== Segment start ==

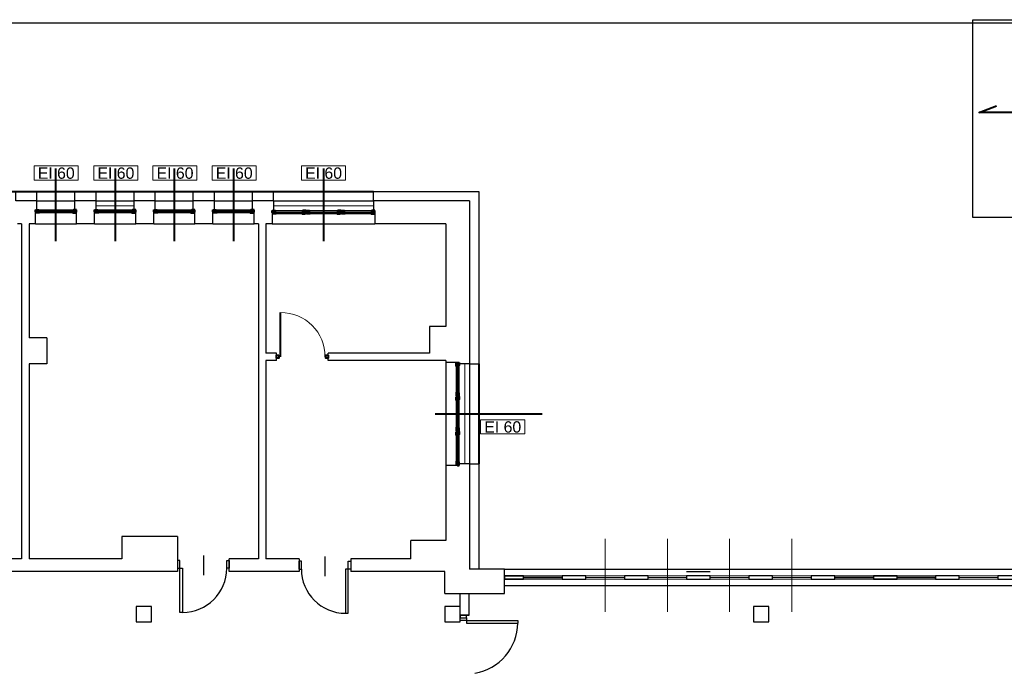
# Model space of a CAD drawing. Header units: millimetres. Extents: x 6612729504 to 6612744462, y 5733542327 to 5733549367.
# Tile 20 of 109: x 6612732689 to 6612734603, y 5733545027 to 5733546297. Entities that reach past the tile are written whole.
import ezdxf

# ---------------------------------------------------------------- set-up
doc = ezdxf.new("R2010")
doc.units = ezdxf.units.MM
doc.header["$MEASUREMENT"] = 0
for name, color, linetype in [('!!!!_CIENKIE czerwone LINIE', 7, 'Continuous'), ('!!!!_SCIANY GRUBE', 7, 'Continuous'), ('1_ppoż PODZIAL STREF propoz', 7, 'Continuous'), ('___OPISY', 7, 'Continuous'), ('A_ocieplenie', 7, 'Continuous'), ('A_SCIANY PROJ. wewn', 7, 'Continuous'), ('A_Stolarka_drzw_wew', 192, 'Continuous'), ('A_Stolarka_okna', 7, 'Continuous'), ('inw_STOLARKA', 7, 'Continuous'), ('inw_STOLARKAOKIENNA', 7, 'Continuous'), ('inw_WIDOK', 7, 'Continuous'), ('WIDOK', 7, 'Continuous')]:
    doc.layers.add(name, color=color, linetype=linetype)
doc.styles.add('GENERATED_STYLE_1', font='arial.ttf')

msp = doc.modelspace()

# ---------------------------------------------------------------- linework, layer by layer
at = {"layer": '!!!!_CIENKIE czerwone LINIE', "color": 252, "lineweight": 20}
for points in [[(6612732802.660265, 5733546012.707732), (6612732717.029118, 5733546012.707732), (6612732717.029118, 5733545985.165756), (6612732802.660265, 5733545985.165756)], [(6612732918.619262, 5733546012.707732), (6612732832.988114, 5733546012.707732), (6612732832.988114, 5733545985.165756), (6612732918.619262, 5733545985.165756)], [(6612733033.619262, 5733546012.707732), (6612732947.988114, 5733546012.707732), (6612732947.988114, 5733545985.165756), (6612733033.619262, 5733545985.165756)], [(6612733148.619262, 5733546012.707732), (6612733062.988115, 5733546012.707732), (6612733062.988115, 5733545985.165756), (6612733148.619262, 5733545985.165756)], [(6612733322.332054, 5733546012.707732), (6612733236.700907, 5733546012.707732), (6612733236.700907, 5733545985.165756), (6612733322.332054, 5733545985.165756)], [(6612733670.674496, 5733545519.441068), (6612733585.043349, 5733545519.441068), (6612733585.043349, 5733545491.899092), (6612733670.674496, 5733545491.899092)]]:
    msp.add_lwpolyline(points, close=True, dxfattribs=at)
for points in [[(6612732717.029118, 5733545985.165756), (6612732802.660265, 5733545985.165756)], [(6612732832.988114, 5733545985.165756), (6612732918.619262, 5733545985.165756)], [(6612732947.988114, 5733545985.165756), (6612733033.619262, 5733545985.165756)], [(6612733062.988115, 5733545985.165756), (6612733148.619262, 5733545985.165756)], [(6612733236.700907, 5733545985.165756), (6612733322.332054, 5733545985.165756)], [(6612733585.043349, 5733545491.899092), (6612733670.674496, 5733545491.899092)]]:
    msp.add_lwpolyline(points, dxfattribs=at)
at = {"layer": '!!!!_SCIANY GRUBE', "color": 252, "lineweight": 30}
for p, q in [((6612731730.516479, 5733546290.844684), (6612738132.516488, 5733546290.844684)), ((6612731742.131554, 5733546290.844684), (6612738132.516488, 5733546290.844684)), ((6612732722.516479, 5733545944.844685), (6612732681.516479, 5733545944.844685)), ((6612732722.516479, 5733545927.344685), (6612732722.516479, 5733545944.844685)), ((6612732837.516479, 5733545944.844685), (6612732796.516479, 5733545944.844685)), ((6612732796.516479, 5733545927.344685), (6612732796.516479, 5733545944.844685)), ((6612732837.516479, 5733545927.344685), (6612732837.516479, 5733545944.844685)), ((6612732952.51648, 5733545944.844685), (6612732911.51648, 5733545944.844685)), ((6612732911.51648, 5733545927.344685), (6612732911.51648, 5733545944.844685)), ((6612732952.51648, 5733545927.344685), (6612732952.51648, 5733545944.844685)), ((6612733067.51648, 5733545944.844685), (6612733026.51648, 5733545944.844685)), ((6612733026.51648, 5733545927.344685), (6612733026.51648, 5733545944.844685)), ((6612733067.51648, 5733545927.344685), (6612733067.51648, 5733545944.844685)), ((6612733182.51648, 5733545944.844685), (6612733141.51648, 5733545944.844685)), ((6612733141.51648, 5733545927.344685), (6612733141.51648, 5733545944.844685)), ((6612733182.51648, 5733545944.844685), (6612733182.51648, 5733545925.844685)), ((6612733563.516481, 5733545944.844685), (6612733376.51648, 5733545944.844685)), ((6612733376.51648, 5733545944.844685), (6612733376.51648, 5733545925.844685)), ((6612733563.516481, 5733545944.844685), (6612733563.516481, 5733545627.844684)), ((6612732719.516479, 5733545899.844685), (6612732719.516479, 5733545927.344685)), ((6612732722.516479, 5733545927.344685), (6612732719.516479, 5733545927.344685)), ((6612732799.516479, 5733545927.344685), (6612732796.516479, 5733545927.344685)), ((6612732799.516479, 5733545899.844685), (6612732799.516479, 5733545927.344685)), ((6612732834.516479, 5733545899.844685), (6612732834.516479, 5733545927.344685)), ((6612732837.516479, 5733545927.344685), (6612732834.516479, 5733545927.344685)), ((6612732914.51648, 5733545927.344685), (6612732911.51648, 5733545927.344685)), ((6612732914.51648, 5733545899.844685), (6612732914.51648, 5733545927.344685)), ((6612732949.51648, 5733545899.844685), (6612732949.51648, 5733545927.344685)), ((6612732952.51648, 5733545927.344685), (6612732949.51648, 5733545927.344685)), ((6612733029.51648, 5733545927.344685), (6612733026.51648, 5733545927.344685)), ((6612733029.51648, 5733545899.844685), (6612733029.51648, 5733545927.344685)), ((6612733064.51648, 5733545899.844685), (6612733064.51648, 5733545927.344685)), ((6612733067.51648, 5733545927.344685), (6612733064.51648, 5733545927.344685)), ((6612733144.51648, 5733545927.344685), (6612733141.51648, 5733545927.344685)), ((6612733144.51648, 5733545899.844685), (6612733144.51648, 5733545927.344685)), ((6612733179.51648, 5733545925.844685), (6612733179.51648, 5733545899.844685)), ((6612733182.51648, 5733545925.844685), (6612733179.51648, 5733545925.844685)), ((6612733376.51648, 5733545925.844685), (6612733379.51648, 5733545925.844685)), ((6612733379.51648, 5733545925.844685), (6612733379.51648, 5733545899.844685)), ((6612732692.516479, 5733545899.844685), (6612732684.516479, 5733545899.844685)), ((6612732692.516479, 5733545899.844685), (6612732692.516479, 5733545248.844683)), ((6612732707.516479, 5733545899.844685), (6612732707.516479, 5733545678.844684)), ((6612732719.516479, 5733545899.844685), (6612732707.516479, 5733545899.844685)), ((6612732834.516479, 5733545899.844685), (6612732799.516479, 5733545899.844685)), ((6612732949.51648, 5733545899.844685), (6612732914.51648, 5733545899.844685)), ((6612733064.51648, 5733545899.844685), (6612733029.51648, 5733545899.844685)), ((6612733153.51648, 5733545899.844685), (6612733144.51648, 5733545899.844685)), ((6612733153.51648, 5733545899.844685), (6612733153.51648, 5733545248.844683)), ((6612733167.51648, 5733545899.844685), (6612733167.51648, 5733545648.844684)), ((6612733179.51648, 5733545899.844685), (6612733167.51648, 5733545899.844685)), ((6612733517.516481, 5733545899.844685), (6612733379.51648, 5733545899.844685)), ((6612733517.516481, 5733545899.844685), (6612733517.516481, 5733545700.844684)), ((6612733485.516481, 5733545700.844684), (6612733485.516481, 5733545648.844684)), ((6612733517.516481, 5733545700.844684), (6612733485.516481, 5733545700.844684)), ((6612732741.516479, 5733545678.844684), (6612732707.516479, 5733545678.844684)), ((6612732741.516479, 5733545678.844684), (6612732741.516479, 5733545627.844684)), ((6612733188.51648, 5733545648.844684), (6612733167.51648, 5733545648.844684)), ((6612733188.51648, 5733545634.844684), (6612733188.51648, 5733545648.844684)), ((6612733485.516481, 5733545648.844684), (6612733288.51648, 5733545648.844684)), ((6612733288.51648, 5733545634.844684), (6612733288.51648, 5733545648.844684)), ((6612732707.516479, 5733545627.844684), (6612732707.516479, 5733545248.844683)), ((6612732741.516479, 5733545627.844684), (6612732707.516479, 5733545627.844684)), ((6612733167.51648, 5733545634.844684), (6612733167.51648, 5733545248.844683)), ((6612733188.51648, 5733545634.844684), (6612733167.51648, 5733545634.844684)), ((6612733517.516481, 5733545634.844684), (6612733288.51648, 5733545634.844684)), ((6612733517.516481, 5733545634.844684), (6612733517.516481, 5733545630.844684)), ((6612733517.516481, 5733545634.844684), (6612733517.516481, 5733545630.844684)), ((6612733543.516481, 5733545630.844684), (6612733517.516481, 5733545630.844684)), ((6612733543.516481, 5733545627.844684), (6612733543.516481, 5733545630.844684)), ((6612733563.516481, 5733545627.844684), (6612733543.516481, 5733545627.844684)), ((6612733563.516481, 5733545433.844684), (6612733543.516481, 5733545433.844684)), ((6612733543.516481, 5733545433.844684), (6612733543.516481, 5733545430.844684)), ((6612733563.516481, 5733545433.844684), (6612733563.516481, 5733545228.844683)), ((6612733563.516481, 5733545433.844684), (6612733581.516481, 5733545433.844684)), ((6612733517.516481, 5733545430.844684), (6612733517.516481, 5733545284.844684)), ((6612733543.516481, 5733545430.844684), (6612733517.516481, 5733545430.844684)), ((6612732887.51648, 5733545292.844684), (6612732887.51648, 5733545248.844683)), ((6612732995.51648, 5733545292.844684), (6612732887.51648, 5733545292.844684)), ((6612732995.51648, 5733545292.844684), (6612732995.51648, 5733545224.844683)), ((6612733449.51648, 5733545248.844683), (6612733449.51648, 5733545284.844684)), ((6612733517.516481, 5733545284.844684), (6612733449.51648, 5733545284.844684)), ((6612733563.516481, 5733545298.740707), (6612733563.516481, 5733545228.844683)), ((6612732692.516479, 5733545248.844683), (6612732615.516479, 5733545248.844683)), ((6612732887.51648, 5733545248.844683), (6612732707.516479, 5733545248.844683)), ((6612733153.51648, 5733545248.844683), (6612733096.51648, 5733545248.844683)), ((6612733096.51648, 5733545224.844683), (6612733096.51648, 5733545248.844683)), ((6612733232.51648, 5733545248.844683), (6612733167.51648, 5733545248.844683)), ((6612733232.51648, 5733545248.844683), (6612733232.51648, 5733545224.844683)), ((6612733449.51648, 5733545248.844683), (6612733332.51648, 5733545248.844683)), ((6612733332.51648, 5733545248.844683), (6612733332.51648, 5733545224.844683)), ((6612732995.51648, 5733545224.844683), (6612732615.516479, 5733545224.844683)), ((6612733232.51648, 5733545224.844683), (6612733096.51648, 5733545224.844683)), ((6612733515.516481, 5733545224.844683), (6612733332.51648, 5733545224.844683)), ((6612733515.516481, 5733545224.844683), (6612733510.891697, 5733545224.844683)), ((6612733515.516481, 5733545181.844683), (6612733515.516481, 5733545224.844683)), ((6612733515.516481, 5733545181.844683), (6612733515.516481, 5733545224.844683)), ((6612733631.516481, 5733545228.844683), (6612733563.516481, 5733545228.844683)), ((6612733631.516481, 5733545228.844683), (6612733563.516481, 5733545228.844683)), ((6612733631.516481, 5733545228.844683), (6612733563.516481, 5733545228.844683)), ((6612733631.516481, 5733545228.844683), (6612733563.516481, 5733545228.844683)), ((6612733631.516481, 5733545181.844683), (6612733631.516481, 5733545228.844683)), ((6612733631.516481, 5733545181.844683), (6612733631.516481, 5733545228.844683)), ((6612733631.516481, 5733545181.844683), (6612733631.516481, 5733545228.844683)), ((6612733631.516481, 5733545181.844683), (6612733631.516481, 5733545228.844683)), ((6612733515.516481, 5733545181.844683), (6612733631.516481, 5733545181.844683)), ((6612733515.516481, 5733545181.844683), (6612733631.516481, 5733545181.844683)), ((6612733545.516481, 5733545156.844683), (6612733545.516481, 5733545181.844683)), ((6612733562.516481, 5733545156.708422), (6612733562.516481, 5733545181.844683))]:
    msp.add_line(p, q, dxfattribs=at)
at = {"layer": '!!!!_SCIANY GRUBE', "color": 252, "lineweight": 30, "flags": 128}
for points in [[(6612734541.566622, 5733546296.844685), (6612734664.550175, 5733546296.844685), (6612734664.550175, 5733545912.70277), (6612734541.566622, 5733545912.70277)], [(6612733743.516481, 5733545209.844683), (6612733631.516481, 5733545209.844683), (6612733631.516481, 5733545215.844683), (6612733743.516481, 5733545215.844683)], [(6612733631.516481, 5733545209.844683), (6612733668.516481, 5733545209.844683), (6612733668.516481, 5733545215.844683), (6612733631.516481, 5733545215.844683)], [(6612733631.516481, 5733545209.844683), (6612733668.516481, 5733545209.844683), (6612733668.516481, 5733545215.844683), (6612733631.516481, 5733545215.844683)], [(6612733743.516481, 5733545209.844683), (6612733789.516481, 5733545209.844683), (6612733789.516481, 5733545215.844683), (6612733743.516481, 5733545215.844683)], [(6612733743.516481, 5733545209.844683), (6612733789.516481, 5733545209.844683), (6612733789.516481, 5733545215.844683), (6612733743.516481, 5733545215.844683)], [(6612733864.516481, 5733545209.844683), (6612733910.516481, 5733545209.844683), (6612733910.516481, 5733545215.844683), (6612733864.516481, 5733545215.844683)], [(6612733864.516481, 5733545209.844683), (6612733910.516481, 5733545209.844683), (6612733910.516481, 5733545215.844683), (6612733864.516481, 5733545215.844683)], [(6612733985.516481, 5733545209.844683), (6612734031.516481, 5733545209.844683), (6612734031.516481, 5733545215.844683), (6612733985.516481, 5733545215.844683)], [(6612733985.516481, 5733545209.844683), (6612734031.516481, 5733545209.844683), (6612734031.516481, 5733545215.844683), (6612733985.516481, 5733545215.844683)], [(6612734106.516481, 5733545209.844683), (6612734152.516481, 5733545209.844683), (6612734152.516481, 5733545215.844683), (6612734106.516481, 5733545215.844683)], [(6612734106.516481, 5733545209.844683), (6612734152.516481, 5733545209.844683), (6612734152.516481, 5733545215.844683), (6612734106.516481, 5733545215.844683)], [(6612734227.516482, 5733545209.844683), (6612734273.516482, 5733545209.844683), (6612734273.516482, 5733545215.844683), (6612734227.516482, 5733545215.844683)], [(6612734227.516482, 5733545209.844683), (6612734273.516482, 5733545209.844683), (6612734273.516482, 5733545215.844683), (6612734227.516482, 5733545215.844683)], [(6612734468.727788, 5733545209.844683), (6612734273.516482, 5733545209.844683), (6612734273.516482, 5733545215.844683), (6612734469.516482, 5733545215.844683)], [(6612734348.516482, 5733545209.844683), (6612734394.516482, 5733545209.844683), (6612734394.516482, 5733545215.844683), (6612734348.516482, 5733545215.844683)], [(6612734469.516482, 5733545209.844683), (6612734515.516482, 5733545209.844683), (6612734515.516482, 5733545215.844683), (6612734469.516482, 5733545215.844683)], [(6612734590.516482, 5733545209.844683), (6612734636.516482, 5733545209.844683), (6612734636.516482, 5733545215.844683), (6612734590.516482, 5733545215.844683)], [(6612732915.51648, 5733545126.844683), (6612732945.51648, 5733545126.844683), (6612732945.51648, 5733545156.844683), (6612732915.51648, 5733545156.844683)], [(6612732915.51648, 5733545126.844683), (6612732945.51648, 5733545126.844683), (6612732945.51648, 5733545156.844683), (6612732915.51648, 5733545156.844683)], [(6612733515.516481, 5733545126.844683), (6612733545.516481, 5733545126.844683), (6612733545.516481, 5733545156.844683), (6612733515.516481, 5733545156.844683)], [(6612733515.516481, 5733545126.844683), (6612733545.516481, 5733545126.844683), (6612733545.516481, 5733545156.844683), (6612733515.516481, 5733545156.844683)], [(6612733515.516481, 5733545126.844683), (6612733545.516481, 5733545126.844683), (6612733545.516481, 5733545156.844683), (6612733515.516481, 5733545156.844683)], [(6612733515.516481, 5733545126.844683), (6612733545.516481, 5733545126.844683), (6612733545.516481, 5733545156.844683), (6612733515.516481, 5733545156.844683)], [(6612734115.516481, 5733545126.844683), (6612734145.516481, 5733545126.844683), (6612734145.516481, 5733545156.844683), (6612734115.516481, 5733545156.844683)], [(6612734115.516481, 5733545126.844683), (6612734145.516481, 5733545126.844683), (6612734145.516481, 5733545156.844683), (6612734115.516481, 5733545156.844683)], [(6612733545.516481, 5733545139.580242), (6612733562.516481, 5733545139.580242)]]:
    msp.add_lwpolyline(points, close=True, dxfattribs=at)
for points in [[(6612732681.516479, 5733545944.844685), (6612732681.516479, 5733545962.844685), (6612732722.516479, 5733545962.844685)], [(6612732722.516479, 5733545944.844685), (6612732722.516479, 5733545962.844685)], [(6612732796.516479, 5733545944.844685), (6612732796.516479, 5733545962.844685)], [(6612732796.516479, 5733545962.844685), (6612732837.516479, 5733545962.844685)], [(6612732837.516479, 5733545944.844685), (6612732837.516479, 5733545962.844685)], [(6612732911.51648, 5733545944.844685), (6612732911.51648, 5733545962.844685)], [(6612732911.51648, 5733545962.844685), (6612732952.51648, 5733545962.844685)], [(6612732952.51648, 5733545944.844685), (6612732952.51648, 5733545962.844685)], [(6612733026.51648, 5733545944.844685), (6612733026.51648, 5733545962.844685)], [(6612733026.51648, 5733545962.844685), (6612733067.51648, 5733545962.844685)], [(6612733067.51648, 5733545944.844685), (6612733067.51648, 5733545962.844685)], [(6612733141.51648, 5733545944.844685), (6612733141.51648, 5733545962.844685)], [(6612733141.51648, 5733545962.844685), (6612733182.51648, 5733545962.844685)], [(6612733182.51648, 5733545944.844685), (6612733182.51648, 5733545962.844685)], [(6612733376.51648, 5733545944.844685), (6612733376.51648, 5733545962.844685)], [(6612733376.51648, 5733545962.844685), (6612733581.516481, 5733545962.844685), (6612733581.516481, 5733545627.844684)], [(6612733563.516481, 5733545627.844684), (6612733581.516481, 5733545627.844684)], [(6612733581.516481, 5733545433.844684), (6612733581.516481, 5733545228.844683)], [(6612733562.516481, 5733545139.580242), (6612733562.516481, 5733545156.708422)]]:
    msp.add_lwpolyline(points, dxfattribs=at)
at = {"layer": '1_ppoż PODZIAL STREF propoz', "color": 252, "lineweight": 40}
for p, q in [((6612732758.557484, 5733546007.679116), (6612732758.557484, 5733545866.242754)), ((6612732758.557484, 5733546007.679116), (6612732758.557484, 5733545866.242754)), ((6612732874.51648, 5733546007.679116), (6612732874.51648, 5733545866.242754)), ((6612732874.51648, 5733546007.679116), (6612732874.51648, 5733545866.242754)), ((6612732989.51648, 5733546007.679116), (6612732989.51648, 5733545866.242754)), ((6612732989.51648, 5733546007.679116), (6612732989.51648, 5733545866.242754)), ((6612733104.51648, 5733546007.679116), (6612733104.51648, 5733545866.242754)), ((6612733104.51648, 5733546007.679116), (6612733104.51648, 5733545866.242754)), ((6612733279.51648, 5733546007.679116), (6612733279.51648, 5733545866.242754))]:
    msp.add_line(p, q, dxfattribs=at)
at = {"layer": '1_ppoż PODZIAL STREF propoz', "color": 252, "lineweight": 18}
msp.add_line((6612733279.51648, 5733546007.679116), (6612733279.51648, 5733545866.242754), dxfattribs=at)
at = {"layer": '1_ppoż PODZIAL STREF propoz', "color": 252, "lineweight": 40, "flags": 128}
msp.add_lwpolyline([(6612733496.377398, 5733545530.844684), (6612733704.853659, 5733545530.939355)], dxfattribs=at)
at = {"layer": 'A_ocieplenie', "color": 252, "lineweight": 40}
for p, q in [((6612731750.516479, 5733545962.844685), (6612733376.51648, 5733545962.844685)), ((6612733581.516481, 5733545627.844684), (6612733581.516481, 5733545433.844684))]:
    msp.add_line(p, q, dxfattribs=at)
at = {"layer": 'A_ocieplenie', "color": 252, "lineweight": 30}
msp.add_line((6612733985.516532, 5733545224.844687), (6612734031.516533, 5733545224.844687), dxfattribs=at)
at = {"layer": 'A_SCIANY PROJ. wewn', "color": 252, "lineweight": 18, "flags": 128}
for points in [[(6612732837.516479, 5733545944.844685), (6612732911.51648, 5733545944.844685), (6612732911.51648, 5733545935.344685), (6612732837.516479, 5733545935.344685)], [(6612733182.51648, 5733545944.844685), (6612733376.51648, 5733545944.844685), (6612733376.51648, 5733545935.344685), (6612733182.51648, 5733545935.344685)], [(6612733563.516481, 5733545627.844684), (6612733563.516481, 5733545433.844684), (6612733554.016481, 5733545433.844684), (6612733554.016481, 5733545627.844684)]]:
    msp.add_lwpolyline(points, close=True, dxfattribs=at)
at = {"layer": 'A_Stolarka_drzw_wew', "color": 252, "lineweight": 30}
for p, q in [((6612733000.51648, 5733545245.928848), (6612732995.51648, 5733545245.928848)), ((6612732995.51648, 5733545245.928848), (6612732995.51648, 5733545230.928848)), ((6612733000.51648, 5733545230.928848), (6612733000.51648, 5733545245.928848)), ((6612733046.01648, 5733545255.477716), (6612733046.01648, 5733545217.154597)), ((6612733091.51648, 5733545245.928848), (6612733096.51648, 5733545245.928848)), ((6612733091.51648, 5733545230.928848), (6612733091.51648, 5733545245.928848)), ((6612733096.51648, 5733545245.928848), (6612733096.51648, 5733545230.928848)), ((6612733231.51648, 5733545244.344683), (6612733231.51648, 5733545229.344683)), ((6612733236.51648, 5733545244.344683), (6612733231.51648, 5733545244.344683)), ((6612733236.51648, 5733545229.344683), (6612733236.51648, 5733545244.344683)), ((6612733282.01648, 5733545253.893551), (6612733282.01648, 5733545215.570433)), ((6612733327.51648, 5733545244.344683), (6612733332.51648, 5733545244.344683)), ((6612733327.51648, 5733545229.344683), (6612733327.51648, 5733545244.344683)), ((6612733332.51648, 5733545244.344683), (6612733332.51648, 5733545229.344683)), ((6612732995.51648, 5733545230.928848), (6612733000.51648, 5733545230.928848)), ((6612733000.51648, 5733545230.928848), (6612733005.51648, 5733545230.928848)), ((6612733000.51648, 5733545144.928848), (6612733000.51648, 5733545230.928848)), ((6612733005.51648, 5733545230.928848), (6612733005.51648, 5733545144.928848)), ((6612733096.51648, 5733545230.928848), (6612733091.51648, 5733545230.928848)), ((6612733231.51648, 5733545229.344683), (6612733236.51648, 5733545229.344683)), ((6612733327.51648, 5733545229.344683), (6612733322.51648, 5733545229.344683)), ((6612733322.51648, 5733545229.344683), (6612733322.51648, 5733545143.344683)), ((6612733327.51648, 5733545143.344683), (6612733327.51648, 5733545229.344683)), ((6612733332.51648, 5733545229.344683), (6612733327.51648, 5733545229.344683)), ((6612733005.51648, 5733545144.928848), (6612733000.51648, 5733545144.928848)), ((6612733322.51648, 5733545143.344683), (6612733327.51648, 5733545143.344683)), ((6612733545.516481, 5733545134.453438), (6612733545.51674, 5733545142.826632)), ((6612733545.516481, 5733545139.580242), (6612733545.516481, 5733545134.580242)), ((6612733545.516481, 5733545139.344683), (6612733545.516481, 5733545135.844683)), ((6612733545.516481, 5733545134.453438), (6612733557.516481, 5733545134.453438)), ((6612733545.516481, 5733545129.453438), (6612733545.516481, 5733545134.453438)), ((6612733557.516481, 5733545129.453438), (6612733545.516481, 5733545129.453438)), ((6612733557.516481, 5733545134.453438), (6612733557.516481, 5733545139.453438)), ((6612733557.516481, 5733545134.453438), (6612733557.516481, 5733545129.453438)), ((6612733557.516481, 5733545129.453438), (6612733557.516481, 5733545124.453438)), ((6612733557.516481, 5733545129.453438), (6612733657.516481, 5733545129.453438)), ((6612733657.516481, 5733545129.453438), (6612733657.516481, 5733545124.453438)), ((6612733557.516481, 5733545124.453438), (6612733657.365229, 5733545124.453438))]:
    msp.add_line(p, q, dxfattribs=at)
at = {"layer": 'A_Stolarka_drzw_wew', "color": 252, "lineweight": 30, "flags": 128}
msp.add_lwpolyline([(6612733545.516481, 5733545134.453438), (6612733557.516481, 5733545134.453438), (6612733557.516481, 5733545139.453438), (6612733545.516481, 5733545139.453438)], close=True, dxfattribs=at)
at = {"layer": 'A_Stolarka_drzw_wew', "color": 252, "lineweight": 30}
for centre, radius, start, end in [((6612733005.51648, 5733545230.928848), 86, 270, 0), ((6612733322.51648, 5733545229.344683), 86, 180, 270), ((6612733555.796187, 5733545126.844707), 101.748398, 280.220149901, 358.653513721)]:
    msp.add_arc(centre, radius, start, end, dxfattribs=at)
at = {"layer": 'A_Stolarka_okna', "color": 252, "lineweight": 20}
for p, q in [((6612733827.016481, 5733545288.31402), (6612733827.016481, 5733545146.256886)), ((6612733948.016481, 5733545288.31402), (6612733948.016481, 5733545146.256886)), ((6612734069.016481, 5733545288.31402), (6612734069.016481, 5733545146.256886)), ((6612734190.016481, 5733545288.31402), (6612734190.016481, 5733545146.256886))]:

== Segment end ==

- [Required work]: Where the word "linetype" appears in a line of the data above, tally that line; then give the total and nothing more.

- [Result of this task]: 2